I recommend that you use the latest version of BackgrounDRb to handle this. You can read about BackgrounDRb here: http://backgroundrb.rubyforge.org/
In order to queue a message for later delivery, the BackgrounDRb client code (in your application model's after_create callback, maybe) could look something like this:
MiddleMan(:email_worker).enq_send_email_task(:message => #message,
:job_key => "notify1",
:scheduled_at => Time.now + 48.hours)
You'd have to build a BackgrounDRb worker to handle sending the email:
# RAILS_ROOT/lib/workers/email_worker.rb
class EmailWorker < BackgrounDRb::MetaWorker
set_worker_name :email_worker
def send_email_task(message)
# ... Code to send the email message
end
end
Note that in order to use BackgrounDRb in this way, you have to use persistent job queues, so make sure you run the migration included with BackgrounDRb to set up the persistence table in your application.
BackgrounDRb is started separately from Rails (mongrel, apache, etc) using 'script/backgroundrb start', so make sure that you add the daemon to whatever process monitoring you're using (god, monit, etc) or that you create an /etc/init.d script for it.

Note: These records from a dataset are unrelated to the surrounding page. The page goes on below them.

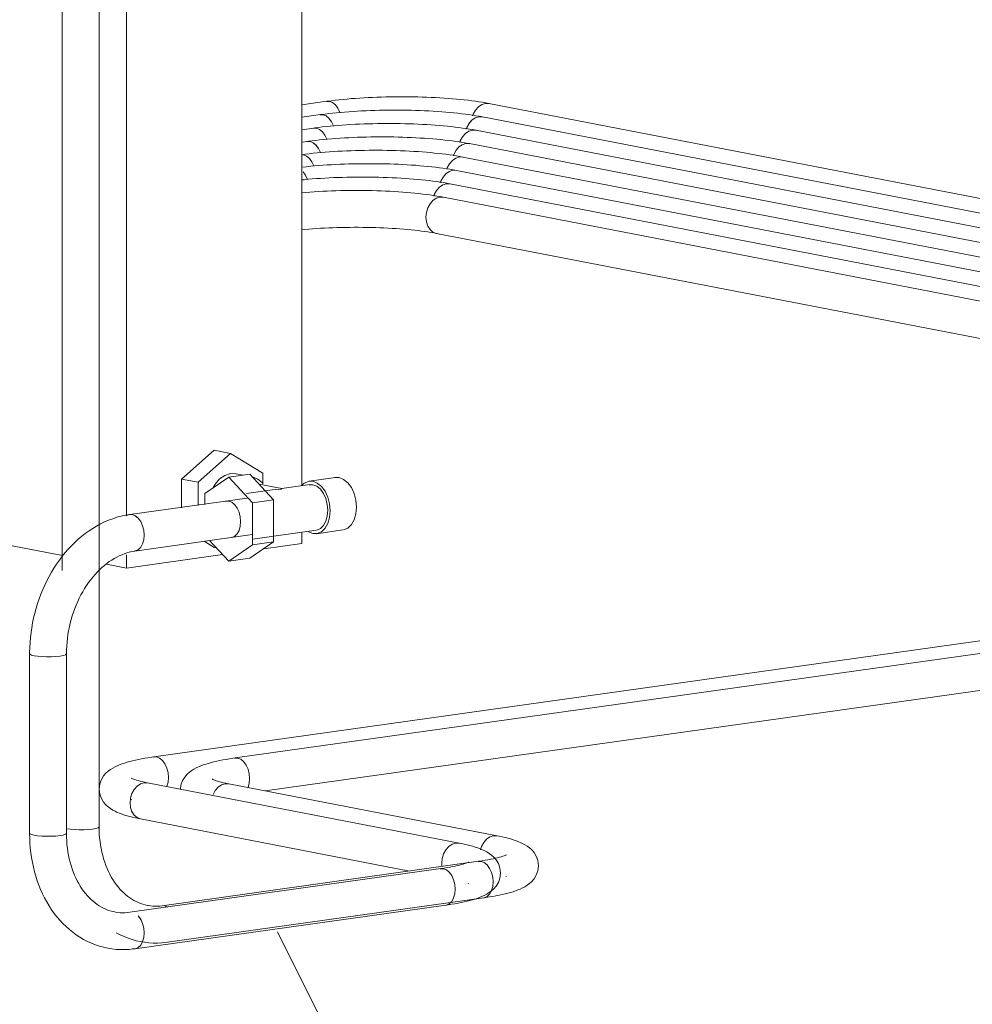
# Model space of a CAD drawing. Header units: millimetres. Extents: x 38570 to 76040, y -5041 to 9267.
# Tile 60 of 169: x 48493 to 48906, y 5974 to 6401. Entities that reach past the tile are written whole.
import ezdxf

# ---------------------------------------------------------------- set-up
doc = ezdxf.new("R2010")
doc.units = ezdxf.units.MM
for name, color, linetype, lineweight in [('M-EQPM-____-OTLN', 50, 'Continuous', 20), ('P-PIPE-____-IDEN', 2, 'Continuous', 20), ('P-PIPE-____-OTLN', 3, 'Continuous', 20)]:
    doc.layers.add(name, color=color, linetype=linetype, lineweight=lineweight)

# ---------------------------------------------------------------- blocks, each defined once
blk = doc.blocks.new('ADSK_Радиатор универсальный_Боковое подключение_Клапаны - Радиатор 600х500-1673213-3D Отопление left')
at = {"layer": 'M-EQPM-____-OTLN'}
for p, q in [((48615.46, 6198.81), (48615.46, 6721.07)), ((48539.33, 6185.68), (48539.33, 6704.99)), ((48563.31, 6201.61), (48577.39, 6214.12)), ((48584.53, 6212.74), (48570.44, 6200.23)), ((48584.53, 6212.74), (48577.39, 6214.12)), ((48598.61, 6204.19), (48584.53, 6212.74)), ((48598.61, 6199.61), (48598.61, 6204.19)), ((48563.31, 6189.22), (48563.31, 6201.61)), ((48563.31, 6201.61), (48570.44, 6200.23)), ((48570.44, 6200.23), (48570.44, 6190.23)), ((48583.74, 6202.42), (48573.36, 6195.32)), ((48583.74, 6202.42), (48592.87, 6203.71)), ((48594.11, 6191.31), (48583.74, 6202.42)), ((48590.13, 6203.32), (48586.9, 6203.95)), ((48592.87, 6203.71), (48603.25, 6192.59)), ((48630.1, 6202.32), (48618.68, 6200.72)), ((48603.55, 6197.08), (48591.48, 6195.39)), ((48606.86, 6197.54), (48596.82, 6199.48)), ((48603.87, 6197.12), (48606.58, 6197.27)), ((48606.58, 6197.27), (48606.79, 6197.53)), ((48618.89, 6199.23), (48606.82, 6197.54)), ((48573.36, 6195.32), (48573.36, 6190.64)), ((48603.25, 6192.59), (48594.11, 6191.31)), ((48594.11, 6173.08), (48594.11, 6191.31)), ((48603.25, 6192.59), (48603.25, 6174.37)), ((48594.26, 6175.58), (48621.67, 6179.43)), ((48615.46, 6173.74), (48615.46, 6178.66)), ((48621.88, 6177.94), (48633.29, 6179.55)), ((48511.62, 6168.41), (48471.37, 6176.2)), ((48577.39, 6171.98), (48573.04, 6174.63)), ((48575.36, 6174.96), (48583.74, 6165.98)), ((48603.25, 6174.37), (48592.87, 6167.26)), ((48603.25, 6174.37), (48594.11, 6173.08)), ((48577.39, 6171.98), (48578.3, 6171.81)), ((48583.74, 6165.98), (48594.11, 6173.08)), ((48615.46, 6173.74), (48598.95, 6171.42)), ((48581.01, 6168.9), (48539.33, 6163.05)), ((48539.33, 6163.05), (48539.33, 6168.83)), ((48592.87, 6167.26), (48583.74, 6165.98)), ((48539.33, 6163.05), (48530.69, 6164.72))]:
    blk.add_line(p, q, dxfattribs=at)
for points in [[(48586.99, 6203.93, 0), (48584.53, 6204, 0), (48582.06, 6203.24, 0), (48579.77, 6201.68, 0), (48577.8, 6199.45, 0), (48576.79, 6197.76, 0)], [(48598.68, 6199.6, 0), (48598.39, 6199.96, 0), (48596.42, 6201.64, 0), (48594.12, 6202.55, 0), (48594.04, 6202.57, 0)], [(48627.73, 6187.89, 0), (48627.48, 6190.87, 0), (48626.74, 6193.75, 0), (48625.55, 6196.33, 0), (48624.01, 6198.43, 0), (48622.21, 6199.91, 0), (48620.28, 6200.67, 0), (48618.35, 6200.66, 0), (48616.55, 6199.88, 0), (48615.34, 6198.79, 0)], [(48629.77, 6202.26, 0), (48631.7, 6202.28, 0), (48633.63, 6201.52, 0), (48635.42, 6200.04, 0), (48636.97, 6197.94, 0), (48638.15, 6195.36, 0), (48638.9, 6192.48, 0), (48639.15, 6189.49, 0)], [(48618.6, 6199.18, 0), (48620.28, 6199.2, 0), (48621.96, 6198.53, 0), (48623.52, 6197.25, 0), (48624.86, 6195.42, 0), (48625.89, 6193.18, 0), (48626.54, 6190.67, 0), (48626.76, 6188.08, 0)], [(48582.4, 6192.08, 0), (48583.74, 6192.09, 0), (48585.08, 6191.56, 0), (48586.33, 6190.53, 0), (48587.41, 6189.07, 0), (48588.23, 6187.28, 0), (48588.75, 6185.27, 0), (48588.93, 6183.2, 0)], [(48618.35, 6178.75, 0), (48620.28, 6177.99, 0), (48622.21, 6178, 0), (48624.01, 6178.79, 0), (48625.55, 6180.29, 0), (48626.74, 6182.41, 0), (48627.48, 6185, 0), (48627.73, 6187.89, 0)], [(48626.76, 6188.08, 0), (48626.54, 6185.57, 0), (48625.89, 6183.31, 0), (48624.86, 6181.47, 0), (48623.52, 6180.16, 0), (48621.96, 6179.48, 0)], [(48639.15, 6189.49, 0), (48638.9, 6186.61, 0), (48638.15, 6184.01, 0), (48636.97, 6181.89, 0), (48635.42, 6180.39, 0), (48633.63, 6179.61, 0)], [(48588.93, 6183.2, 0), (48588.75, 6181.19, 0), (48588.23, 6179.39, 0), (48587.41, 6177.91, 0), (48586.33, 6176.87, 0), (48585.08, 6176.32, 0)]]:
    blk.add_polyline3d(points, dxfattribs=at)
blk = doc.blocks.new('ADSK_СШПЭ Аксиальный_Поворот с фиксатором - Поворот трубы-V16-3D Отопление left')
at = {"layer": 'P-PIPE-____-OTLN', "color": 10}
blk.add_line((43374.72, 2547.89), (43376.07, 2547.36), dxfattribs=at)
for points in [[(43332.09, 2581.36, 0), (43333.64, 2581.13, 0), (43335.5, 2580.97, 0), (43337.55, 2580.9, 0), (43339.63, 2580.92, 0), (43341.62, 2581.02, 0), (43343.37, 2581.21, 0), (43344.77, 2581.47, 0), (43345.72, 2581.77, 0), (43346.16, 2582.11, 0), (43346.18, 2582.22, 0)], [(43367.13, 2548.07, 0), (43366.13, 2548.29, 0), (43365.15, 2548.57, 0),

First you're going to need a running daemon or background service which can poll your queue (probably from in a database) every few minutes.
The algorithm is pretty simple. Record the time of the user event in the queue. When the daemon checks that item in the queue, and the time difference is greater than 48 hours, prepare the e-mail to send.
You can queue jobs with a delay using async observer. Ideally, anything you have that isn't known to be instant (or very close to it) all the time should pass through something like that.
I wrote a plugin called acts_as_scheduled that may help you out.
acts_as_scheduled allows you to manage
scheduled events for your models.
A good example of this is scheduling
the update of RSS Feeds in a
background process using Cron or
BackgroundRB.
With acts_as_scheduled your schedule
manager can simply call
"Model.find_next_scheduled()" to grab
the next item from the database.
How I would approach this is by creating a scheduling controller, that will query the database for the next_scheduled and then use a mailer to send the message. The you set up a Cron Job to call the controller periodically using WGET or CURL. The advantage of the Cron/Controller approach is that no further infrastructure or configuration is required on the server and you avoid complicated threading code.
I think I'd be inclined to store the need for the email and the earliest time after which it should be sent, somewhere separate, then have my things-to-do task look at that. That way I only have to process as many records as there are emails to be sent, rather than examine every user every time, which would either get tedious or require an otherwise probably unnecessary index. As a bonus, if I had other tasks to be performed on some sort of a diarised basis, the same construct would be useful with little modification.